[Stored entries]

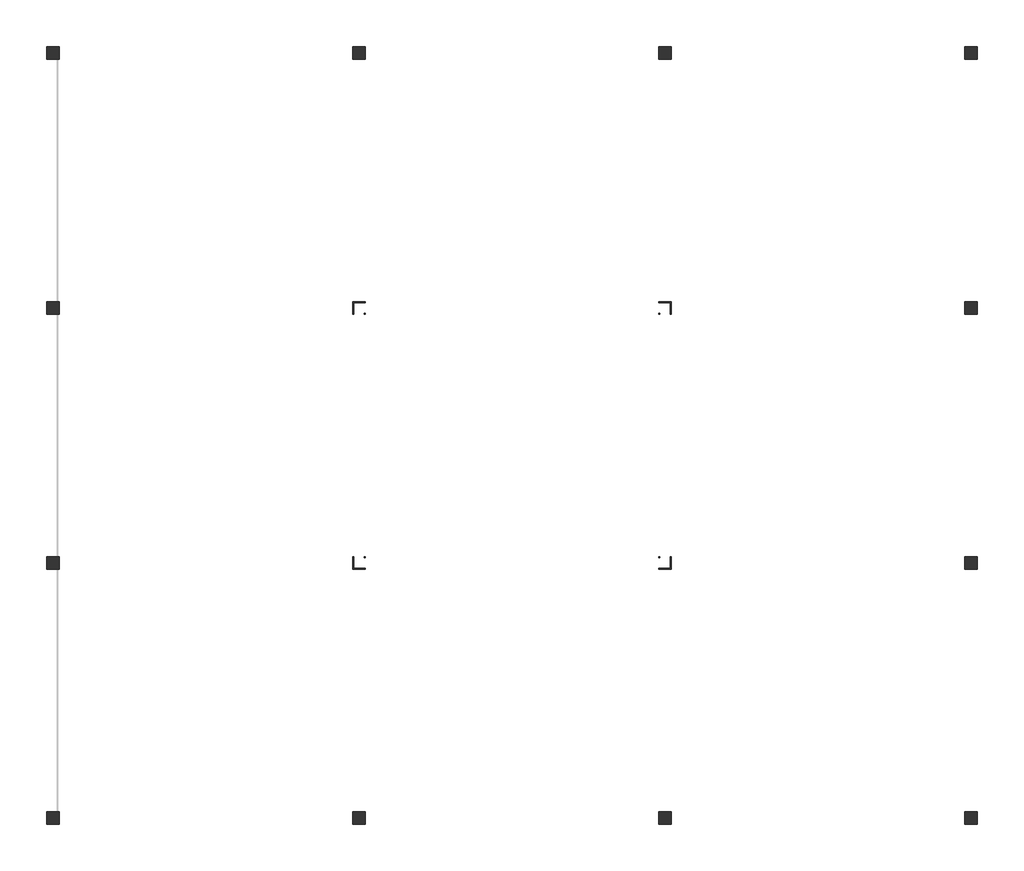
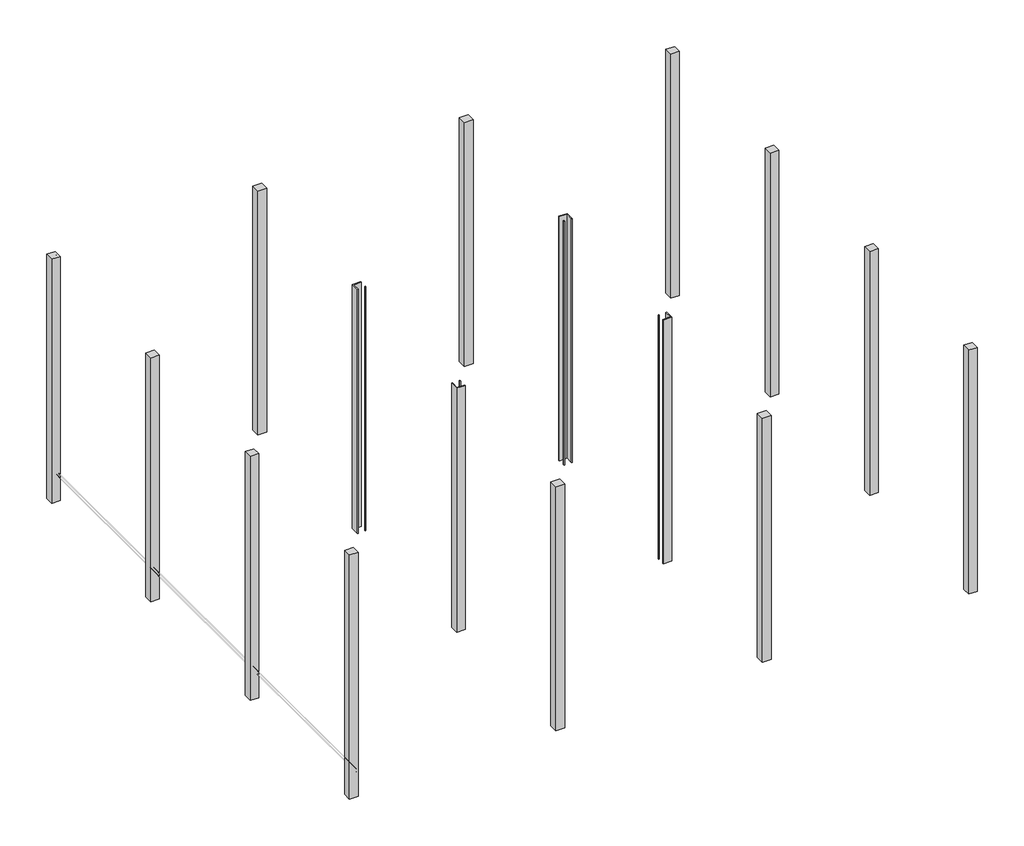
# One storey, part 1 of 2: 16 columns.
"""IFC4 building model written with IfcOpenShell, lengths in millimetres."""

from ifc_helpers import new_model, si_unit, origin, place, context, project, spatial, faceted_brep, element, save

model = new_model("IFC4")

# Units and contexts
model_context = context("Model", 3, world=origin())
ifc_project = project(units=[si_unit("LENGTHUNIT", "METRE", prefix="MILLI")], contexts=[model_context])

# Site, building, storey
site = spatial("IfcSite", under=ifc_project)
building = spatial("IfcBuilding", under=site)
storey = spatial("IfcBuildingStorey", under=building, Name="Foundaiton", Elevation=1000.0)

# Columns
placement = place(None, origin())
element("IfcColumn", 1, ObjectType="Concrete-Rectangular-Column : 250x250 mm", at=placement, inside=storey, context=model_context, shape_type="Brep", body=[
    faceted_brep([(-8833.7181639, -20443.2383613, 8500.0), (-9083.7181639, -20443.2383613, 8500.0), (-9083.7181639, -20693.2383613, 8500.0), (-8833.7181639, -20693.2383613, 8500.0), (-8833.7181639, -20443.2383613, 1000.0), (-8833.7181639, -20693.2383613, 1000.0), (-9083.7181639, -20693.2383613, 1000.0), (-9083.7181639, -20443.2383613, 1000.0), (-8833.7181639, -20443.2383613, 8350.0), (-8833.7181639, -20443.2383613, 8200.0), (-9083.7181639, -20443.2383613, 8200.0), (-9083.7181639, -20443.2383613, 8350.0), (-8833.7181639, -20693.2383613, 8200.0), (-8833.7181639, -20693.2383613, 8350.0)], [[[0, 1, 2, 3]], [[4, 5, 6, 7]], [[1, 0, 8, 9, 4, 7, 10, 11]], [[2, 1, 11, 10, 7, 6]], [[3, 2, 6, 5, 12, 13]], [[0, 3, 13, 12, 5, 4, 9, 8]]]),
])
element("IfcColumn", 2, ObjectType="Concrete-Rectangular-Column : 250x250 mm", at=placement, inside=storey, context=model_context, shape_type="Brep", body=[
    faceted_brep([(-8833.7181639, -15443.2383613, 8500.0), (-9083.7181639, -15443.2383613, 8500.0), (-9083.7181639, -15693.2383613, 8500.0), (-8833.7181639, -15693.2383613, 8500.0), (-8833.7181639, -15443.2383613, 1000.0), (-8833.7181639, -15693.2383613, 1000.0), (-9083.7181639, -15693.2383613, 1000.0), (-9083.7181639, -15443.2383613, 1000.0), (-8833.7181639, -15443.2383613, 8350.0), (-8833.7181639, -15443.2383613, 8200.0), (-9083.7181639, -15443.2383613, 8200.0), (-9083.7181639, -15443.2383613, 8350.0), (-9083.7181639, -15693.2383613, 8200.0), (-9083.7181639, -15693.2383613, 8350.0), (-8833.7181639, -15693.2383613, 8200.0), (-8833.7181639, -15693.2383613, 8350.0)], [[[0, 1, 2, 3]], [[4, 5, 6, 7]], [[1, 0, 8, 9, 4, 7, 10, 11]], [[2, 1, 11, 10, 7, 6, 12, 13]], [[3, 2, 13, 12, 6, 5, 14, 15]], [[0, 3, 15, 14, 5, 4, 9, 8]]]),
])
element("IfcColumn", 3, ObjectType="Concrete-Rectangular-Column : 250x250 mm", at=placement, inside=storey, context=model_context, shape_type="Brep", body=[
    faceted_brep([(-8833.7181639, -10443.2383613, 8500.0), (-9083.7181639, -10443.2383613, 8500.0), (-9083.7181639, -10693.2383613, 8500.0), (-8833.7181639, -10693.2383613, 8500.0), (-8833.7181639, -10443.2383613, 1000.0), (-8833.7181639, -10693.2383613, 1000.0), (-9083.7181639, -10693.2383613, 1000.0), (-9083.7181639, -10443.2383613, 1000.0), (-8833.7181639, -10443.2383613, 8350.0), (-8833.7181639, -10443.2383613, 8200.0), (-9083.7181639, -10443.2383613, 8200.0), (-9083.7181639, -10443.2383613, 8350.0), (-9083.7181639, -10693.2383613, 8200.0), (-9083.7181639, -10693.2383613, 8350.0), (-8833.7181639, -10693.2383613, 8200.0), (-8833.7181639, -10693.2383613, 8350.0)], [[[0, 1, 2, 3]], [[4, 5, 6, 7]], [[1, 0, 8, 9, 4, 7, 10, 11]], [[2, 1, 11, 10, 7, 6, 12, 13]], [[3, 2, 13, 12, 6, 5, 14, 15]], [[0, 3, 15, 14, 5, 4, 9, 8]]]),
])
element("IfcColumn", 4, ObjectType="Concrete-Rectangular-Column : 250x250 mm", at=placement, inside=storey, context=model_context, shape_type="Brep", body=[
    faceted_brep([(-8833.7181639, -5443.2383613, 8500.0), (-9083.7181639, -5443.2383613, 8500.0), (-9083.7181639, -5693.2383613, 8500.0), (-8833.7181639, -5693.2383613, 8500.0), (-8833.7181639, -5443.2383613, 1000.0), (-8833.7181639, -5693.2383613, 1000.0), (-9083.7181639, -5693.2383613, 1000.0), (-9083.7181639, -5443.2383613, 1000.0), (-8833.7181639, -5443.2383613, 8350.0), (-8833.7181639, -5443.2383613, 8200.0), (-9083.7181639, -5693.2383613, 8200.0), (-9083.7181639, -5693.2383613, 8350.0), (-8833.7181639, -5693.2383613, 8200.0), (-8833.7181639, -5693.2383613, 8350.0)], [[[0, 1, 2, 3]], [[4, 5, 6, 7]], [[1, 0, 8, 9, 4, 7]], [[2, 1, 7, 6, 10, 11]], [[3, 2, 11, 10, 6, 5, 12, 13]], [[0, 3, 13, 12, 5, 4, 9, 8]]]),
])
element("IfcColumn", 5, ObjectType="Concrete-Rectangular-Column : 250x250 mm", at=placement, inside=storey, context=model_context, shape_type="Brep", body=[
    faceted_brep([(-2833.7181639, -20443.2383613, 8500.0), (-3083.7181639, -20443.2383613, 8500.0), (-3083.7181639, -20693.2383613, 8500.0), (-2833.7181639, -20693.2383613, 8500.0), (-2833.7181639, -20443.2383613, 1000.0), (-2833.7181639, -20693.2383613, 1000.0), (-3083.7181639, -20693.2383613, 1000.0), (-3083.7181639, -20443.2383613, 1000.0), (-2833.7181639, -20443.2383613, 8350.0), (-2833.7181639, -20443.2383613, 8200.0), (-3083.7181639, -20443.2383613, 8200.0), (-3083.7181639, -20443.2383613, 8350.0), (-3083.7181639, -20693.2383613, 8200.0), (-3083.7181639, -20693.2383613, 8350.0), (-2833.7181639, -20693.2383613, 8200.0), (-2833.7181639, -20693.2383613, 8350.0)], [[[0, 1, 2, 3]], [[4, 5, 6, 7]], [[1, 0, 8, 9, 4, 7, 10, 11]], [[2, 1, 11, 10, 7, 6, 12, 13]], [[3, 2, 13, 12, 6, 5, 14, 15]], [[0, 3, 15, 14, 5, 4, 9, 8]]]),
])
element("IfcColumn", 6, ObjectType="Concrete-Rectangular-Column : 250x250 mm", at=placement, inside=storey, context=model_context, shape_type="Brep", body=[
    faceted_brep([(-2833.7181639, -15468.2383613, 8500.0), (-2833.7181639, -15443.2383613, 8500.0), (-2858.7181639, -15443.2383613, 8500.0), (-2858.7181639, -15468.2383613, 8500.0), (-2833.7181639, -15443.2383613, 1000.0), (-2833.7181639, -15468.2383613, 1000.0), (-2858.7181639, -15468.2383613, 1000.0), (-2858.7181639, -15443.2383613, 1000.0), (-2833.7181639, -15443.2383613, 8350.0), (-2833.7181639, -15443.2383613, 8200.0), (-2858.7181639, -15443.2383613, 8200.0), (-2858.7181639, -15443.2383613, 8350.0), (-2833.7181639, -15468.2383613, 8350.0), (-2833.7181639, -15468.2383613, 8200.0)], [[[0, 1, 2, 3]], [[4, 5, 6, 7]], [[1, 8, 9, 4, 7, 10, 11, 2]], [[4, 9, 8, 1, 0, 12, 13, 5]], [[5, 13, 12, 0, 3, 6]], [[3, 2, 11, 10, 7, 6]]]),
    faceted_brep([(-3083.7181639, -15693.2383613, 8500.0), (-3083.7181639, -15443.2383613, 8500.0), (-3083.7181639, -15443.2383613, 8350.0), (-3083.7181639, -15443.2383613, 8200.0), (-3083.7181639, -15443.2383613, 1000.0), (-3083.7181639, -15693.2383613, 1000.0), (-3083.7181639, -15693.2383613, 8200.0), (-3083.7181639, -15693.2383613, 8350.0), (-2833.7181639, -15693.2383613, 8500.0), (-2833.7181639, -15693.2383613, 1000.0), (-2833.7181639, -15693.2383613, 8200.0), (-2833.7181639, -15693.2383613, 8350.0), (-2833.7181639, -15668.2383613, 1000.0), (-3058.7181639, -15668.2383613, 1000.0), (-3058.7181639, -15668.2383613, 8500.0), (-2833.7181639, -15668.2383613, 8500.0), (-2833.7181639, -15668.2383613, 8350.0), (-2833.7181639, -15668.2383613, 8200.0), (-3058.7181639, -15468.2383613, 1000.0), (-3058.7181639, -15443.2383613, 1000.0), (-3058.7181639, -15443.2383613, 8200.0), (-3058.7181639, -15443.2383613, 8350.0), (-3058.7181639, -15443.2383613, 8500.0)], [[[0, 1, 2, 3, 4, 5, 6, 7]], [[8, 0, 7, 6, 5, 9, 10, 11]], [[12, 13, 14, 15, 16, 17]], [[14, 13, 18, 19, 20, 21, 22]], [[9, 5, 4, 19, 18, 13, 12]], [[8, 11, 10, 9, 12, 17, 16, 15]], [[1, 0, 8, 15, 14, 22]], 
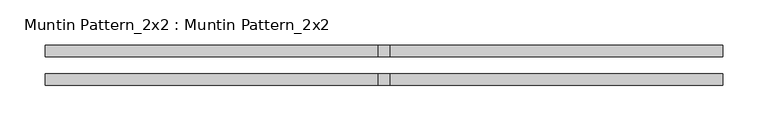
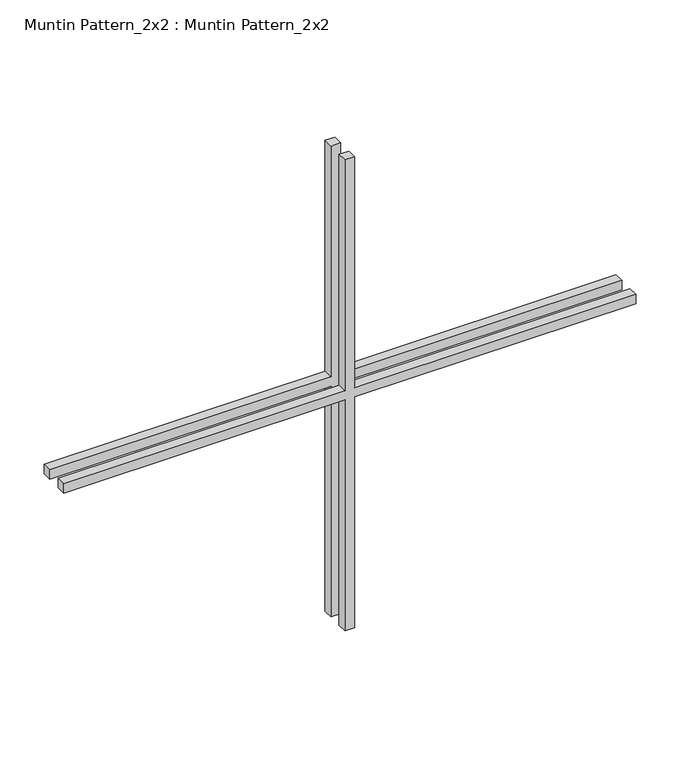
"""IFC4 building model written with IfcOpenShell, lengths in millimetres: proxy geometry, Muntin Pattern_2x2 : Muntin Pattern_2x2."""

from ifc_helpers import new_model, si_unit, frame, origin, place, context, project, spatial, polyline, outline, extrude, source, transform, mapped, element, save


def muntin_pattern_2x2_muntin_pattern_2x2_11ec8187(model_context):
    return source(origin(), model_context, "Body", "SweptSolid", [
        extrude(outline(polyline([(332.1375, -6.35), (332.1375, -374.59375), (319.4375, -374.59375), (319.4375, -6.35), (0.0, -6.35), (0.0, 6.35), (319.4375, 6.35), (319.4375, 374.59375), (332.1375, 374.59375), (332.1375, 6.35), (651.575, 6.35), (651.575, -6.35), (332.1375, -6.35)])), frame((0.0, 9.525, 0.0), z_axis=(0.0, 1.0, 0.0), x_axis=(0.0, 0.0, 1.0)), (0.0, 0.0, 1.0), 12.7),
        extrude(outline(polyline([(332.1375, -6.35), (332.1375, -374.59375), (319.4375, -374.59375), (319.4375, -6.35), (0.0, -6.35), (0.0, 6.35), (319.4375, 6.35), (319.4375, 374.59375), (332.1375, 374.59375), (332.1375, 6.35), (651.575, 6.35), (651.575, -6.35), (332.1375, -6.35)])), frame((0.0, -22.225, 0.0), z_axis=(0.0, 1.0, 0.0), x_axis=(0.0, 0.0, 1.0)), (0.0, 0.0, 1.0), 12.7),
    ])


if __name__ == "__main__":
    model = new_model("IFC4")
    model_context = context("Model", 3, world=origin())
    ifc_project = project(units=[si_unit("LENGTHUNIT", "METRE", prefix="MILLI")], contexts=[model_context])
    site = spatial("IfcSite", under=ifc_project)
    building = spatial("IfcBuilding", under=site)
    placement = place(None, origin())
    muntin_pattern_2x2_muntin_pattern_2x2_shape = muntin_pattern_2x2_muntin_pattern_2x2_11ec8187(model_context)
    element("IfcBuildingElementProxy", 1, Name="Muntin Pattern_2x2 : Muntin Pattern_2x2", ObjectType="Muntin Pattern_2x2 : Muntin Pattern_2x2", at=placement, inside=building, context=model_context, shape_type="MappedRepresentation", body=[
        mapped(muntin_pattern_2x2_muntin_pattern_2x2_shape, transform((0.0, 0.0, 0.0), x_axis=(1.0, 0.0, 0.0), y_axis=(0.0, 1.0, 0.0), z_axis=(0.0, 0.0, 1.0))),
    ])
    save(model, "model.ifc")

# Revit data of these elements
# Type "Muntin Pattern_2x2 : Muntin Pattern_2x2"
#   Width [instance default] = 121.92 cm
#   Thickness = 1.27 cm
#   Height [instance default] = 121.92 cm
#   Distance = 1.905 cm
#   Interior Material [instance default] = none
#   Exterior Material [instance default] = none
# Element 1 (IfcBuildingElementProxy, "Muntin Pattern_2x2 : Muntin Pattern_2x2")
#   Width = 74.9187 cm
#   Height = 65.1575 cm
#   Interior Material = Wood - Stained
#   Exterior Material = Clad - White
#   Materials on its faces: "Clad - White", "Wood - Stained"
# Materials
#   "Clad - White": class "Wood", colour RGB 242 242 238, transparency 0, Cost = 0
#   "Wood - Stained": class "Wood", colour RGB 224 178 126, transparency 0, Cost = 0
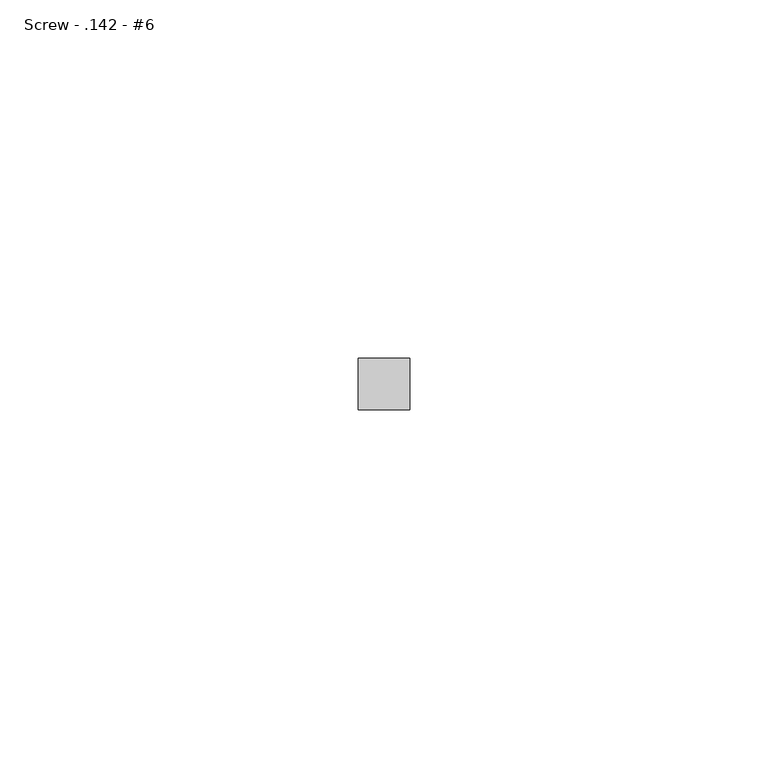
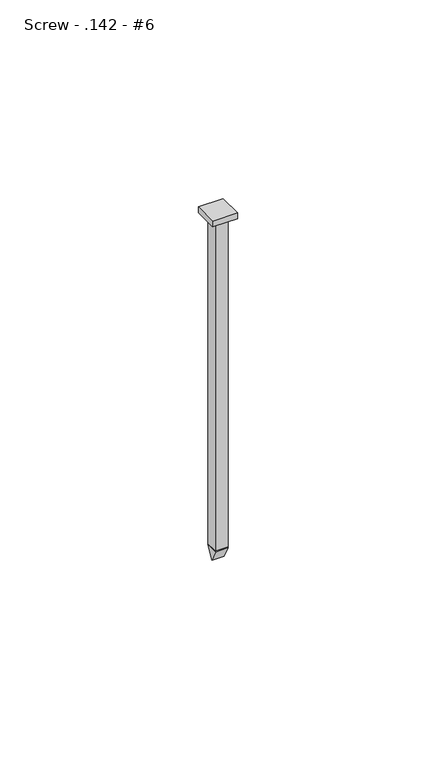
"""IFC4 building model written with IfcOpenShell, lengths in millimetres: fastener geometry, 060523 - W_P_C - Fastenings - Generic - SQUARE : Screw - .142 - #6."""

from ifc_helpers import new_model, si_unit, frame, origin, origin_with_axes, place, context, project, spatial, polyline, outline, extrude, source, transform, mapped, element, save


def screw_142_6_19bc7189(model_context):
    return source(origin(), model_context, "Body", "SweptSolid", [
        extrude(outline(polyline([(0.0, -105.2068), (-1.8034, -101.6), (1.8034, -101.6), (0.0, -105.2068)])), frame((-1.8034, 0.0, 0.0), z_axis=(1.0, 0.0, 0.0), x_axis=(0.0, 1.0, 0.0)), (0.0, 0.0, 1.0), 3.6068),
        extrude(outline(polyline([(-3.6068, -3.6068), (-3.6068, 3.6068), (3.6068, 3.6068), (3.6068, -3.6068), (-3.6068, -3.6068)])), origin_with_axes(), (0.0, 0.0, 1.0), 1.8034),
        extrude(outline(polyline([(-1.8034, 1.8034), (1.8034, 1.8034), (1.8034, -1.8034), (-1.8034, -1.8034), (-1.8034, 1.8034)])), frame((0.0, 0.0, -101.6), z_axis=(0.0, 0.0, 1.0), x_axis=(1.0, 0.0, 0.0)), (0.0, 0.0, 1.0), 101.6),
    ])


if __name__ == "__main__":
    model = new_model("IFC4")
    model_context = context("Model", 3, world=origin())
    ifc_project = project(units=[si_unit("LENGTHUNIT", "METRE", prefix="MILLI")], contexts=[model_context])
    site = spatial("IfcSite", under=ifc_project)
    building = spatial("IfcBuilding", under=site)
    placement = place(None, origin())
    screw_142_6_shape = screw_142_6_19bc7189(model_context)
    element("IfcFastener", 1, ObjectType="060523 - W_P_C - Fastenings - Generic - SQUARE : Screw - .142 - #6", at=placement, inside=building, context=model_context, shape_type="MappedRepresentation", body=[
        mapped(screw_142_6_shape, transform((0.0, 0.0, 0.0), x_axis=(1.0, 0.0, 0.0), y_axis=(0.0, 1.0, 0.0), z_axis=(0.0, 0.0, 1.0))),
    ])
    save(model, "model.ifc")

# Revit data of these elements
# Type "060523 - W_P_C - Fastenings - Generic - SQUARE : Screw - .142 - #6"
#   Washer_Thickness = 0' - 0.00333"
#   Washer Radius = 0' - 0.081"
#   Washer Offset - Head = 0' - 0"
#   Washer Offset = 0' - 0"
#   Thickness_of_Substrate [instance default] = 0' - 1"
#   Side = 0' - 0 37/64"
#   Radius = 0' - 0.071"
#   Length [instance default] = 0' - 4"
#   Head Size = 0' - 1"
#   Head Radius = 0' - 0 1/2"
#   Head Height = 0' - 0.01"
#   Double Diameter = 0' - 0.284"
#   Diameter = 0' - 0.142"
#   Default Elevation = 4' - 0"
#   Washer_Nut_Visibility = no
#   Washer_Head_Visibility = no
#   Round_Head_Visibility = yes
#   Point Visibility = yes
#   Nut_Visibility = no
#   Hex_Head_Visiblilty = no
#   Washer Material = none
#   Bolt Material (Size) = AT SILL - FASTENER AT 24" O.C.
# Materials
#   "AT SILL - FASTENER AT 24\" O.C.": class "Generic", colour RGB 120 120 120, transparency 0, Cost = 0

INSTRUCTIONS FOR THE TASK
Work out how many lines in the records above contain the word "Interior". State only that number.

EXPECTED OUTPUT
2